The field of high-performance computing has witnessed a period of rapid advancement with the advent of the next generation of Graphics Processing Units (GPUs). These advancements have required the development of novel algorithms that can fully exploit the capabilities of modern GPUs. This Innovation Study focuses on a highly innovative algorithm designed to rethink iterative linear solvers. This study examines two key features: mixed precision solvers and asynchronous execution, which together promise substantial improvements in runtime performance and scalability.
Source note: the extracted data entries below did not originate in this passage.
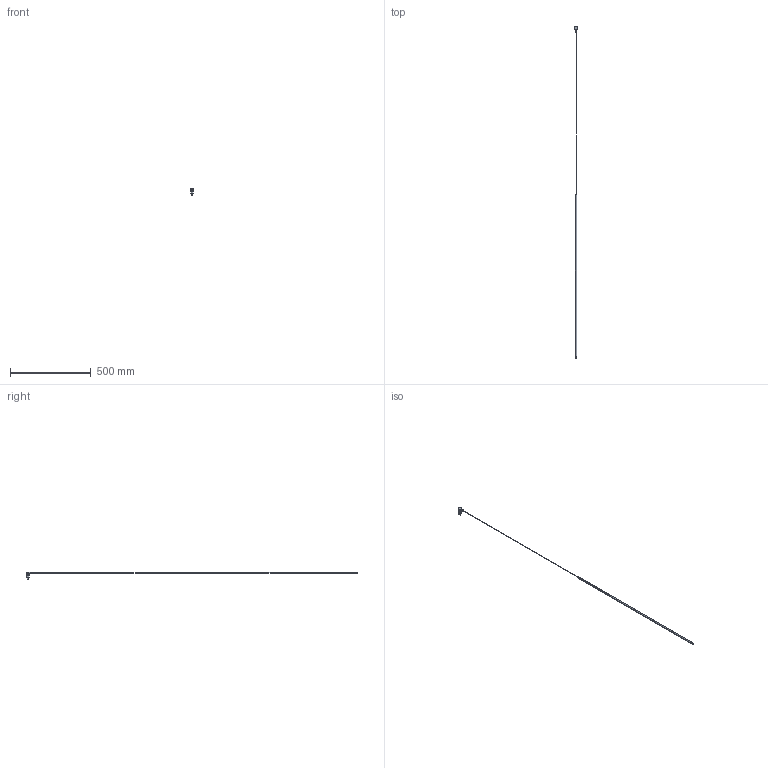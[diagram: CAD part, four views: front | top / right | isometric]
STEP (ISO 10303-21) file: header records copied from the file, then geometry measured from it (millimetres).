
FILE_DESCRIPTION (( 'STEP AP203' ), '1' );
FILE_NAME ('ST.STEP', '2021-03-18T06:23:40', ( '' ), ( '' ), 'SwSTEP 2.0', 'SolidWorks 2015', '' );
FILE_SCHEMA (( 'CONFIG_CONTROL_DESIGN' ));
Length unit declared in the file: millimetre
Products named in the file (1): ST
Bounding box: 21 x 2053 x 47.75 mm (x, y, z)
Volume: 78025.7 mm3; surface area: 45530.3 mm2
Topology: 5 solids, 5 shells, 228 faces, 600 edges, 385 vertices
Faces by surface type: plane 116, cylinder 70, bspline 40, cone 2
Entity records: 9129 total; most frequent: CARTESIAN_POINT 3881, ORIENTED_EDGE 1192, DIRECTION 935, EDGE_CURVE 596, VERTEX_POINT 385, VECTOR 355, LINE 355, AXIS2_PLACEMENT_3D 290

The first feature of AceAMG is the integration of mixed precision solvers and preconditioners, specifically Algebraic Multigrid (AMG). By leveraging mixed precision techniques, the aim is to reduce data access overheads and benefit from the faster processing speeds of low-precision arithmetic. This approach is expected to significantly accelerate simulations and reduce latencies across a variety of hardware architectures, including edge devices, mainstream CPUs, accelerators, and emerging RISC-V-based systems. In particular, the algorithm addresses the current challenge of excessive data transfer between GPUs and CPUs. By minimising these transfers, this study anticipates a considerable increase in GPU utilization, thereby enhancing overall computational efficiency on today’s largest supercomputers.
The second key feature of AceAMG is the implementation of synchronization-eliminating techniques, such as asynchronous restricted additive Schwarz. These algorithms iterate over subdomains independently, thus obviating the necessity for coordinated boundary information exchange. This asynchronous approach is capable of overcoming the limitations of traditional bulk synchronous methods with regard to scaling. It is anticipated that this feature will result in enhanced scalability, with parallel efficiencies exceeding 80% on configurations involving up to 80,000 GPUs. The asynchronous execution model reduces the overhead associated with synchronisation, thereby facilitating more efficient parallel computation and more effective resource utilisation.
AceAMG will be implemented within the Ginkgo sparse linear algebra framework. Ginkgo provides a robust platform for developing high-performance solvers, rendering it an optimal choice for integrating our mixed-precision and asynchronous execution strategies. To demonstrate the effectiveness of AceAMG, the Computational Fluid Dynamics (CFD) code nekRS will be integrated. This combination will be employed to transcend the limitations of atmospheric boundary layer (ABL) simulations, particularly in surpassing the scale and resolution of well-known benchmark cases such as GABLS1-3 and CUABL.
The capacity to manage larger and more intricate simulations will facilitate the exploration of novel avenues for research across a range of scientific disciplines. This study will not only advance the state of the art in high-performance computing (HPC) but also contribute to a broader understanding of atmospheric dynamics, thereby supporting scientific endeavours in climate science. In particular, the enhancements to ABL simulations will facilitate a more profound comprehension of atmospheric phenomena, which are of paramount importance for the development of climate models and weather forecasting.